Directions:
Leaving out all pictures, transcribe the lines below exactly, from the first through the line containing "of that type])".

Extracted data entries:
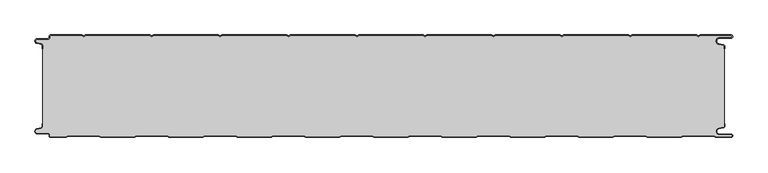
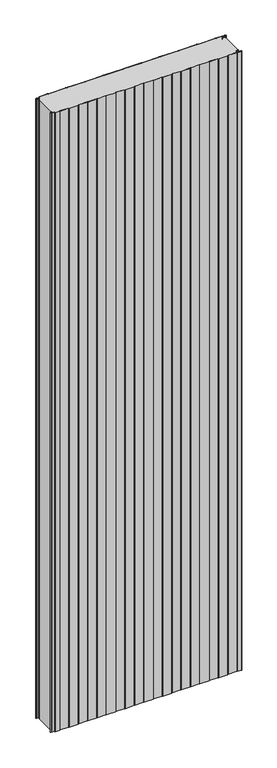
"""IFC4 building model written with IfcOpenShell, lengths in millimetres: plate geometry, PMH_Curtain-PaneL-Standard : ACH_PMH_Stone-wool-Panel_150M."""

import ifcopenshell
import ifcopenshell.guid

model = None  # the IFC model being written
_history = None  # IfcOwnerHistory: only IFC2X3 demands one
_inside = {}  # id of a spatial element -> (the spatial element, [elements in it])
_under = {}  # id of a project, library or spatial element -> (it, [spatial elements below it])
_declared = {}  # id of a project -> (the project, [libraries it declares])
_typed = {}  # id of a type object -> (the type object, [elements of that type])
_made_of = {}  # id of a material, layer set ... -> (it, [elements and type objects made of it])


def new_model(schema):
    """Start an empty IFC model of exactly this schema.

    Asked for "IFC4X3", IfcOpenShell would pick the latest addendum, in which some entities
    have other attributes; the version numbers below select the first issue.
    IFC2X3 requires an IfcOwnerHistory on every rooted entity: one is made here for all.
    """
    global model, _history
    if schema == "IFC4X3":
        model = ifcopenshell.file(schema_version=(4, 3, 0, 0))
    else:
        model = ifcopenshell.file(schema=schema)
    _inside.clear()
    _under.clear()
    _declared.clear()
    _typed.clear()
    _made_of.clear()
    _history = None
    if model.schema == "IFC2X3":
        org = make("IfcOrganization", Name="unknown")
        user = make(
            "IfcPersonAndOrganization",
            ThePerson=make("IfcPerson", FamilyName="unknown"),
            TheOrganization=org,
        )
        app = make(
            "IfcApplication",
            ApplicationDeveloper=org,
            Version="unknown",
            ApplicationFullName="unknown",
            ApplicationIdentifier="unknown",
        )
        _history = make(
            "IfcOwnerHistory",
            OwningUser=user,
            OwningApplication=app,
            ChangeAction="ADDED",
            CreationDate=0,
        )
    return model


def make(cls, **values):
    """One entity of the class cls with the attributes given. An attribute that is None is left unset."""
    return model.create_entity(
        cls, **{name: value for name, value in values.items() if value is not None}
    )


def rooted(cls, **values):
    """An entity with a GlobalId (a new one), such as an element, a storey or a relation."""
    return make(cls, GlobalId=ifcopenshell.guid.new(), OwnerHistory=_history, **values)


def si_unit(unit_type, name, prefix=None):
    """IfcSIUnit, for example si_unit("LENGTHUNIT", "METRE", prefix="MILLI")."""
    return make("IfcSIUnit", UnitType=unit_type, Prefix=prefix, Name=name)


def assignment(units):
    """IfcUnitAssignment: the units of a project."""
    return None if units is None else make("IfcUnitAssignment", Units=units)


def point(xyz):
    """IfcCartesianPoint."""
    return None if xyz is None else make("IfcCartesianPoint", Coordinates=xyz)


def direction(xyz):
    """IfcDirection."""
    return None if xyz is None else make("IfcDirection", DirectionRatios=xyz)


def frame(location, z_axis=None, x_axis=None):
    """IfcAxis2Placement3D, a coordinate frame: its origin and axes. An axis left out is left unset."""
    return make(
        "IfcAxis2Placement3D",
        Location=point(location),
        Axis=direction(z_axis),
        RefDirection=direction(x_axis),
    )


def frame_2d(location, x_axis=None):
    """IfcAxis2Placement2D, a coordinate frame in the plane: its origin and x axis."""
    return make(
        "IfcAxis2Placement2D", Location=point(location), RefDirection=direction(x_axis)
    )


def origin():
    """The frame at (0, 0, 0) with its axes left unset."""
    return frame((0.0, 0.0, 0.0))


def origin_with_axes():
    """The frame at (0, 0, 0) with the z axis (0, 0, 1) and the x axis (1, 0, 0) written out."""
    return frame((0.0, 0.0, 0.0), z_axis=(0.0, 0.0, 1.0), x_axis=(1.0, 0.0, 0.0))


def place(relative_to, where):
    """IfcLocalPlacement: puts the frame where relative to a parent placement (None: the world)."""
    return make(
        "IfcLocalPlacement", PlacementRelTo=relative_to, RelativePlacement=where
    )


def context(
    kind, dimensions, precision=None, world=None, true_north=None, identifier=None
):
    """IfcGeometricRepresentationContext, for example the 3D "Model" context."""
    return make(
        "IfcGeometricRepresentationContext",
        ContextIdentifier=identifier,
        ContextType=kind,
        CoordinateSpaceDimension=dimensions,
        Precision=precision,
        WorldCoordinateSystem=world,
        TrueNorth=true_north,
    )


def project(units=None, contexts=None):
    """IfcProject with its units and contexts."""
    return rooted(
        "IfcProject",
        Name="project",
        RepresentationContexts=contexts,
        UnitsInContext=assignment(units),
    )


def spatial(cls, under=None, at=None, **own):
    """A site, building, storey or space (cls), placed at a placement, below another one or the project."""
    s = rooted(cls, ObjectPlacement=at, **own)
    if under is not None:
        _under.setdefault(under.id(), (under, []))[1].append(s)
    return s


def polyline(points):
    """IfcPolyline through the points."""
    return make("IfcPolyline", Points=[point(p) for p in points])


def circle_curve(where, radius):
    """IfcCircle in the frame where."""
    return make("IfcCircle", Position=where, Radius=radius)


def trimmed(basis, trim1, trim2, sense, master):
    """IfcTrimmedCurve: the piece of a basis curve between two trims."""
    return make(
        "IfcTrimmedCurve",
        BasisCurve=basis,
        Trim1=trim1,
        Trim2=trim2,
        SenseAgreement=sense,
        MasterRepresentation=master,
    )


def segment(curve, same_sense, transition):
    """IfcCompositeCurveSegment."""
    return make(
        "IfcCompositeCurveSegment",
        Transition=transition,
        SameSense=same_sense,
        ParentCurve=curve,
    )


def composite_curve(segments, self_intersect=None):
    """IfcCompositeCurve: segments joined end to end."""
    return make("IfcCompositeCurve", Segments=segments, SelfIntersect=self_intersect)


def outline(outer, holes=None, kind="AREA"):
    """IfcArbitraryClosedProfileDef: a profile drawn as a closed curve; with holes, ...WithVoids."""
    if holes is None:
        return make("IfcArbitraryClosedProfileDef", ProfileType=kind, OuterCurve=outer)
    return make(
        "IfcArbitraryProfileDefWithVoids",
        ProfileType=kind,
        OuterCurve=outer,
        InnerCurves=holes,
    )


def extrude(swept, where, along, depth):
    """IfcExtrudedAreaSolid: the profile swept, set in the frame where, extruded along a direction by depth."""
    return make(
        "IfcExtrudedAreaSolid",
        SweptArea=swept,
        Position=where,
        ExtrudedDirection=direction(along),
        Depth=depth,
    )


def shape(context_of_items, identifier, shape_type, items):
    """IfcShapeRepresentation: the items that make up one representation, for example the "Body"."""
    return make(
        "IfcShapeRepresentation",
        ContextOfItems=context_of_items,
        RepresentationIdentifier=identifier,
        RepresentationType=shape_type,
        Items=items,
    )


def source(mapping_origin, context_of_items, identifier, shape_type, items):
    """IfcRepresentationMap: a shape defined once, which mapped items show again and again."""
    return make(
        "IfcRepresentationMap",
        MappingOrigin=mapping_origin,
        MappedRepresentation=shape(context_of_items, identifier, shape_type, items),
    )


def transform(
    local_origin,
    x_axis=None,
    y_axis=None,
    z_axis=None,
    scale=None,
    scale2=None,
    scale3=None,
    uniform=True,
):
    """IfcCartesianTransformationOperator3D, or its non-uniform kind. x_axis, y_axis, z_axis: its Axis1, 2, 3."""
    if uniform:
        return make(
            "IfcCartesianTransformationOperator3D",
            Axis1=direction(x_axis),
            Axis2=direction(y_axis),
            LocalOrigin=point(local_origin),
            Scale=scale,
            Axis3=direction(z_axis),
        )
    return make(
        "IfcCartesianTransformationOperator3DnonUniform",
        Axis1=direction(x_axis),
        Axis2=direction(y_axis),
        LocalOrigin=point(local_origin),
        Scale=scale,
        Axis3=direction(z_axis),
        Scale2=scale2,
        Scale3=scale3,
    )


def mapped(mapping_source, mapping_target):
    """IfcMappedItem: shows the shape of a source again, moved by a transform."""
    return make(
        "IfcMappedItem", MappingSource=mapping_source, MappingTarget=mapping_target
    )


def made_of(thing, what):
    """Note that an element or type object is made of a material, layer set ...; save() writes the relation."""
    if what is not None:
        _made_of.setdefault(what.id(), (what, []))[1].append(thing)
    return thing


def element(
    cls,
    number,
    at=None,
    inside=None,
    cuts=None,
    type_object=None,
    material=None,
    context=None,
    identifier="Body",
    shape_type=None,
    held_by="IfcProductDefinitionShape",
    body=None,
    shapes=None,
    **own,
):
    """One element of the class cls, such as IfcWall. Its Tag is "e" and its number.

    at: its placement. inside: the storey or other place that contains it. cuts: it is an
    opening in that element (IfcRelVoidsElement). A single representation is given by context,
    identifier, shape_type and body (its items); several are given by shapes. held_by: the class
    of the entity that holds the representations. save() writes the other relations.
    """
    e = rooted(cls, Tag="e%d" % number, ObjectPlacement=at, **own)
    if body is not None:
        shapes = [shape(context, identifier, shape_type, body)]
    if shapes is not None:
        e.Representation = make(held_by, Representations=shapes)
    if inside is not None:
        _inside.setdefault(inside.id(), (inside, []))[1].append(e)
    if cuts is not None:
        rooted(
            "IfcRelVoidsElement", RelatingBuildingElement=cuts, RelatedOpeningElement=e
        )
    if type_object is not None:
        _typed.setdefault(type_object.id(), (type_object, []))[1].append(e)
    return made_of(e, material)


def aggregate(whole, parts):
    """IfcRelAggregates: a whole, such as a stair, and the parts it consists of."""
    return rooted("IfcRelAggregates", RelatingObject=whole, RelatedObjects=parts)


def save(model, path):
    """Write the relations noted so far, then the file.

    IfcRelAggregates (storeys below a building ...), IfcRelContainedInSpatialStructure (elements
    in a storey), IfcRelDefinesByType, IfcRelAssociatesMaterial and IfcRelDeclares: one each for
    every whole, place, type object, material and project.
    """
    for whole, parts in _under.values():
        aggregate(whole, parts)
    for where, things in _inside.values():
        rooted(
            "IfcRelContainedInSpatialStructure",
            RelatedElements=things,
            RelatingStructure=where,
        )
    for kind, things in _typed.values():
        rooted("IfcRelDefinesByType", RelatedObjects=things, RelatingType=kind)
    for what, things in _made_of.values():
        rooted("IfcRelAssociatesMaterial", RelatedObjects=things, RelatingMaterial=what)
    for by, libraries in _declared.values():
        rooted("IfcRelDeclares", RelatingContext=by, RelatedDefinitions=libraries)
    model.write(path)


def plate_48b56e83(model_context):
    return source(origin(), model_context, "Body", "SweptSolid", [
        extrude(outline(composite_curve([segment(trimmed(circle_curve(frame_2d((-502.0, -15.878557)), 2.0), [point((-500.0, -15.878557))], [point((-501.5500978, -13.9298169))], True, "CARTESIAN"), True, "CONTINUOUS"), segment(polyline([(-501.5500978, -13.9298169), (-507.7098239, -12.507732)]), True, "CONTINUOUS"), segment(trimmed(circle_curve(frame_2d((-506.9, -9.0)), 3.6), [point((-507.7098239, -12.507732))], [point((-506.9, -5.4))], False, "CARTESIAN"), True, "CONTINUOUS"), segment(polyline([(-506.9, -5.4), (-491.4, -5.4)]), True, "CONTINUOUS"), segment(trimmed(circle_curve(frame_2d((-491.4, -3.4)), 2.0), [point((-491.4, -5.4))], [point((-489.4, -3.4))], True, "CARTESIAN"), True, "CONTINUOUS"), segment(polyline([(-489.4, -3.4), (-489.4, -2.0)]), True, "CONTINUOUS"), segment(trimmed(circle_curve(frame_2d((-487.4, -2.0)), 2.0), [point((-489.4, -2.0))], [point((-487.4, 0.0))], False, "CARTESIAN"), True, "CONTINUOUS"), segment(polyline([(-487.4, 0.0), (-442.0999995, 0.0), (-439.4, -1.5588455), (-436.7000005, 0.0), (-342.0999995, 0.0), (-339.4, -1.5588455), (-336.7000005, 0.0), (-242.0999995, 0.0), (-239.4, -1.5588455), (-236.7000005, 0.0), (-142.0999995, 0.0), (-139.4, -1.5588455), (-136.7000005, 0.0), (-42.0999995, 0.0), (-39.4, -1.5588455), (-36.7000005, 0.0), (57.9000005, 0.0), (60.6, -1.5588455), (63.2999995, 0.0), (157.9000005, 0.0), (160.6, -1.5588455), (163.2999995, 0.0), (257.9000005, 0.0), (260.6, -1.5588455), (263.2999995, 0.0), (357.9000005, 0.0), (360.6, -1.5588455), (363.2999995, 0.0), (457.9000005, 0.0), (460.6, -1.5588455), (463.2999995, 0.0), (508.1, 0.0)]), True, "CONTINUOUS"), segment(trimmed(circle_curve(frame_2d((508.1, -2.5)), 2.5), [point((508.1, 0.0))], [point((508.1, -5.0))], False, "CARTESIAN"), True, "CONTINUOUS"), segment(polyline([(508.1, -5.0), (491.1, -5.0)]), True, "CONTINUOUS"), segment(trimmed(circle_curve(frame_2d((491.1, -9.0)), 4.0), [point((491.1, -5.0))], [point((490.405407, -12.939231))], True, "CARTESIAN"), True, "CONTINUOUS"), segment(polyline([(490.405407, -12.939231), (496.8514855, -14.0758491)]), True, "CONTINUOUS"), segment(trimmed(circle_curve(frame_2d((496.4, -16.6363492)), 2.6), [point((496.8514855, -14.0758491))], [point((499.0, -16.6363492))], False, "CARTESIAN"), True, "CONTINUOUS"), segment(polyline([(499.0, -16.6363492), (499.0, -20.0), (498.2, -20.0), (498.2, -16.6363492)]), True, "CONTINUOUS"), segment(trimmed(circle_curve(frame_2d((496.4, -16.6363492)), 1.8), [point((498.2, -16.6363492))], [point((496.7125669, -14.8636953))], True, "CARTESIAN"), True, "CONTINUOUS"), segment(polyline([(496.7125669, -14.8636953), (490.2664884, -13.7270772)]), True, "CONTINUOUS"), segment(trimmed(circle_curve(frame_2d((491.1, -9.0)), 4.8), [point((490.2664884, -13.7270772))], [point((491.1, -4.2))], False, "CARTESIAN"), True, "CONTINUOUS"), segment(polyline([(491.1, -4.2), (508.1, -4.2)]), True, "CONTINUOUS"), segment(trimmed(circle_curve(frame_2d((508.1, -2.5)), 1.7), [point((508.1, -4.2))], [point((508.1, -0.8))], True, "CARTESIAN"), True, "CONTINUOUS"), segment(polyline([(508.1, -0.8), (463.5143588, -0.8), (460.6, -2.482606), (457.6856412, -0.8), (363.5143588, -0.8), (360.6, -2.482606), (357.6856412, -0.8), (263.5143588, -0.8), (260.6, -2.482606), (257.6856412, -0.8), (163.5143588, -0.8), (160.6, -2.482606), (157.6856412, -0.8), (63.5143588, -0.8), (60.6, -2.482606), (57.6856412, -0.8), (-36.4856412, -0.8), (-39.4, -2.482606), (-42.3143588, -0.8), (-136.4856412, -0.8), (-139.4, -2.482606), (-142.3143588, -0.8), (-236.4856412, -0.8), (-239.4, -2.482606), (-242.3143588, -0.8), (-336.4856412, -0.8), (-339.4, -2.482606), (-342.3143588, -0.8), (-436.4856412, -0.8), (-439.4, -2.482606), (-442.3143588, -0.8), (-487.4, -0.8)]), True, "CONTINUOUS"), segment(trimmed(circle_curve(frame_2d((-487.4, -2.0)), 1.2), [point((-487.4, -0.8))], [point((-488.6, -2.0))], True, "CARTESIAN"), True, "CONTINUOUS"), segment(polyline([(-488.6, -2.0), (-488.6, -3.4)]), True, "CONTINUOUS"), segment(trimmed(circle_curve(frame_2d((-491.4, -3.4)), 2.8), [point((-488.6, -3.4))], [point((-491.4, -6.2))], False, "CARTESIAN"), True, "CONTINUOUS"), segment(polyline([(-491.4, -6.2), (-506.9, -6.2)]), True, "CONTINUOUS"), segment(trimmed(circle_curve(frame_2d((-506.9, -9.0)), 2.8), [point((-506.9, -6.2))], [point((-507.529863, -11.7282362))], True, "CARTESIAN"), True, "CONTINUOUS"), segment(polyline([(-507.529863, -11.7282362), (-501.370137, -13.150321)]), True, "CONTINUOUS"), segment(trimmed(circle_curve(frame_2d((-502.0, -15.878557)), 2.8), [point((-501.370137, -13.150321))], [point((-499.2, -15.878557))], False, "CARTESIAN"), True, "CONTINUOUS"), segment(polyline([(-499.2, -15.878557), (-499.2, -20.0), (-500.0, -20.0), (-500.0, -15.878557)]), True, "CONTINUOUS")], self_intersect=False)), origin_with_axes(), (0.0, 0.0, 1.0), 3500.0),
        extrude(outline(composite_curve([segment(polyline([(-499.2, -134.121443), (-499.2, -15.8785573)]), True, "CONTINUOUS"), segment(trimmed(circle_curve(frame_2d((-502.0, -15.8785573)), 2.8), [point((-499.2, -15.8785573))], [point((-501.370137, -13.1503212))], True, "CARTESIAN"), True, "CONTINUOUS"), segment(polyline([(-501.370137, -13.1503212), (-507.5298631, -11.7282362)]), True, "CONTINUOUS"), segment(trimmed(circle_curve(frame_2d((-506.9, -9.0)), 2.8), [point((-507.5298631, -11.7282362))], [point((-506.9, -6.2))], False, "CARTESIAN"), True, "CONTINUOUS"), segment(polyline([(-506.9, -6.2), (-491.4000001, -6.2)]), True, "CONTINUOUS"), segment(trimmed(circle_curve(frame_2d((-491.4000001, -3.4)), 2.8), [point((-491.4000001, -6.2))], [point((-488.6000001, -3.4))], True, "CARTESIAN"), True, "CONTINUOUS"), segment(polyline([(-488.6000001, -3.4), (-488.6000001, -2.0)]), True, "CONTINUOUS"), segment(trimmed(circle_curve(frame_2d((-487.4000001, -2.0)), 1.2), [point((-488.6000001, -2.0))], [point((-487.4000001, -0.8))], False, "CARTESIAN"), True, "CONTINUOUS"), segment(polyline([(-487.4000001, -0.8), (-442.3143589, -0.8), (-439.4000001, -2.482606), (-436.4856412, -0.8), (-342.3143589, -0.8), (-339.4000001, -2.482606), (-336.4856412, -0.8), (-242.3143589, -0.8), (-239.4000001, -2.482606), (-236.4856412, -0.8), (-142.3143589, -0.8), (-139.4000001, -2.482606), (-136.4856412, -0.8), (-42.3143589, -0.8), (-39.4000001, -2.482606), (-36.4856412, -0.8), (57.6856411, -0.8), (60.5999999, -2.482606), (63.5143588, -0.8), (157.6856411, -0.8), (160.5999999, -2.482606), (163.5143588, -0.8), (257.6856411, -0.8), (260.5999999, -2.482606), (263.5143588, -0.8), (357.6856411, -0.8), (360.5999999, -2.482606), (363.5143588, -0.8), (457.6856411, -0.8), (460.5999999, -2.482606), (463.5143587, -0.8), (508.1, -0.8)]), True, "CONTINUOUS"), segment(trimmed(circle_curve(frame_2d((508.1, -2.5)), 1.7), [point((508.1, -0.8))], [point((508.1, -4.2))], False, "CARTESIAN"), True, "CONTINUOUS"), segment(polyline([(508.1, -4.2), (491.1, -4.2)]), True, "CONTINUOUS"), segment(trimmed(circle_curve(frame_2d((491.1, -9.0)), 4.8), [point((491.1, -4.2))], [point((490.2664883, -13.7270771))], True, "CARTESIAN"), True, "CONTINUOUS"), segment(polyline([(490.2664883, -13.7270771), (496.7125668, -14.8636953)]), True, "CONTINUOUS"), segment(trimmed(circle_curve(frame_2d((496.4, -16.6363492)), 1.8), [point((496.7125668, -14.8636953))], [point((498.2, -16.6363492))], False, "CARTESIAN"), True, "CONTINUOUS"), segment(polyline([(498.2, -16.6363492), (498.2, -133.363652)]), True, "CONTINUOUS"), segment(trimmed(circle_curve(frame_2d((496.4, -133.363652)), 1.8), [point((498.2, -133.363652))], [point((496.7125666, -135.1363059))], False, "CARTESIAN"), True, "CONTINUOUS"), segment(polyline([(496.7125666, -135.1363059), (490.266489, -136.272923)]), True, "CONTINUOUS"), segment(trimmed(circle_curve(frame_2d((491.1, -141.0000002)), 4.7999999), [point((490.266489, -136.272923))], [point((491.1, -145.8000001))], True, "CARTESIAN"), True, "CONTINUOUS"), segment(polyline([(491.1, -145.8000001), (508.1, -145.8000001)]), True, "CONTINUOUS"), segment(trimmed(circle_curve(frame_2d((508.1, -147.5)), 1.7), [point((508.1, -145.8000001))], [point((508.1, -149.2))], False, "CARTESIAN"), True, "CONTINUOUS"), segment(polyline([(508.1, -149.2), (485.8105122, -149.2), (483.2124346, -147.7), (437.9837184, -147.7), (435.3856408, -149.2), (385.8105122, -149.2), (383.2124346, -147.7), (337.9837184, -147.7), (335.3856408, -149.2), (285.8105122, -149.2), (283.2124346, -147.7), (237.9837184, -147.7), (235.3856408, -149.2), (185.8105122, -149.2), (183.2124346, -147.7), (137.9837184, -147.7), (135.3856408, -149.2), (85.8105122, -149.2), (83.2124346, -147.7), (37.9837184, -147.7), (35.3856408, -149.2), (-14.1894878, -149.2), (-16.7875654, -147.7), (-62.0162816, -147.7), (-64.6143592, -149.2), (-114.1894878, -149.2), (-116.7875654, -147.7), (-162.0162816, -147.7), (-164.6143592, -149.2), (-214.1894878, -149.2), (-216.7875654, -147.7), (-262.0162816, -147.7), (-264.6143592, -149.2), (-314.1894878, -149.2), (-316.7875654, -147.7), (-362.0162816, -147.7), (-364.6143592, -149.2), (-414.1894878, -149.2), (-416.7875654, -147.7), (-462.0162816, -147.7), (-464.6143592, -149.2), (-487.4, -149.2)]), True, "CONTINUOUS"), segment(trimmed(circle_curve(frame_2d((-487.4, -148.0)), 1.2), [point((-487.4, -149.2))], [point((-488.6, -148.0))], False, "CARTESIAN"), True, "CONTINUOUS"), segment(polyline([(-488.6, -148.0), (-488.6, -146.5999998)]), True, "CONTINUOUS"), segment(trimmed(circle_curve(frame_2d((-491.4, -146.5999998)), 2.8), [point((-488.6, -146.5999998))], [point((-491.4, -143.7999998))], True, "CARTESIAN"), True, "CONTINUOUS"), segment(polyline([(-491.4, -143.7999998), (-506.9, -143.7999998)]), True, "CONTINUOUS"), segment(trimmed(circle_curve(frame_2d((-506.9, -141.0)), 2.7999998), [point((-506.9, -143.7999998))], [point((-507.529863, -138.271764))], False, "CARTESIAN"), True, "CONTINUOUS"), segment(polyline([(-507.529863, -138.271764), (-501.370137, -136.8496792)]), True, "CONTINUOUS"), segment(trimmed(circle_curve(frame_2d((-502.0, -134.121443)), 2.8), [point((-501.370137, -136.8496792))], [point((-499.2, -134.121443))], True, "CARTESIAN"), True, "CONTINUOUS")], self_intersect=False)), origin_with_axes(), (0.0, 0.0, 1.0), 3500.0),
        extrude(outline(composite_curve([segment(trimmed(circle_curve(frame_2d((-487.4, -148.0)), 2.0), [point((-487.4, -150.0))], [point((-489.4, -148.0))], False, "CARTESIAN"), True, "CONTINUOUS"), segment(polyline([(-489.4, -148.0), (-489.4, -146.6)]), True, "CONTINUOUS"), segment(trimmed(circle_curve(frame_2d((-491.4, -146.6)), 2.0), [point((-489.4, -146.6))], [point((-491.4, -144.6))], True, "CARTESIAN"), True, "CONTINUOUS"), segment(polyline([(-491.4, -144.6), (-506.9, -144.6)]), True, "CONTINUOUS"), segment(trimmed(circle_curve(frame_2d((-506.9, -141.0)), 3.6), [point((-506.9, -144.6))], [point((-507.7098239, -137.4922678))], False, "CARTESIAN"), True, "CONTINUOUS"), segment(polyline([(-507.7098239, -137.4922678), (-501.5500979, -136.070183)]), True, "CONTINUOUS"), segment(trimmed(circle_curve(frame_2d((-502.0, -134.121443)), 2.0), [point((-501.5500979, -136.070183))], [point((-500.0, -134.121443))], True, "CARTESIAN"), True, "CONTINUOUS"), segment(polyline([(-500.0, -134.121443), (-500.0, -130.0), (-499.2, -130.0), (-499.2, -134.121443)]), True, "CONTINUOUS"), segment(trimmed(circle_curve(frame_2d((-502.0, -134.121443)), 2.8), [point((-499.2, -134.121443))], [point((-501.370137, -136.8496792))], False, "CARTESIAN"), True, "CONTINUOUS"), segment(polyline([(-501.370137, -136.8496792), (-507.529863, -138.271764)]), True, "CONTINUOUS"), segment(trimmed(circle_curve(frame_2d((-506.9, -141.0)), 2.8), [point((-507.529863, -138.271764))], [point((-506.9, -143.8))], True, "CARTESIAN"), True, "CONTINUOUS"), segment(polyline([(-506.9, -143.8), (-491.4, -143.8)]), True, "CONTINUOUS"), segment(trimmed(circle_curve(frame_2d((-491.4, -146.6)), 2.8), [point((-491.4, -143.8))], [point((-488.6, -146.6))], False, "CARTESIAN"), True, "CONTINUOUS"), segment(polyline([(-488.6, -146.6), (-488.6, -148.0)]), True, "CONTINUOUS"), segment(trimmed(circle_curve(frame_2d((-487.4, -148.0)), 1.2), [point((-488.6, -148.0))], [point((-487.4, -149.2))], True, "CARTESIAN"), True, "CONTINUOUS"), segment(polyline([(-487.4, -149.2), (-464.6143592, -149.2), (-462.0162816, -147.7), (-416.7875654, -147.7), (-414.1894878, -149.2), (-364.6143592, -149.2), (-362.0162816, -147.7), (-316.7875654, -147.7), (-314.1894878, -149.2), (-264.6143592, -149.2), (-262.0162816, -147.7), (-216.7875654, -147.7), (-214.1894878, -149.2), (-164.6143592, -149.2), (-162.0162816, -147.7), (-116.7875654, -147.7), (-114.1894878, -149.2), (-64.6143592, -149.2), (-62.0162816, -147.7), (-16.7875654, -147.7), (-14.1894878, -149.2), (35.3856408, -149.2), (37.9837184, -147.7), (83.2124346, -147.7), (85.8105122, -149.2), (135.3856408, -149.2), (137.9837184, -147.7), (183.2124346, -147.7), (185.8105122, -149.2), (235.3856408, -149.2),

Your response:
"""IFC4 building model written with IfcOpenShell, lengths in millimetres: plate geometry, PMH_Curtain-PaneL-Standard : ACH_PMH_Stone-wool-Panel_150M."""

import ifcopenshell
import ifcopenshell.guid

model = None  # the IFC model being written
_history = None  # IfcOwnerHistory: only IFC2X3 demands one
_inside = {}  # id of a spatial element -> (the spatial element, [elements in it])
_under = {}  # id of a project, library or spatial element -> (it, [spatial elements below it])
_declared = {}  # id of a project -> (the project, [libraries it declares])
_typed = {}  # id of a type object -> (the type object, [elements of that type])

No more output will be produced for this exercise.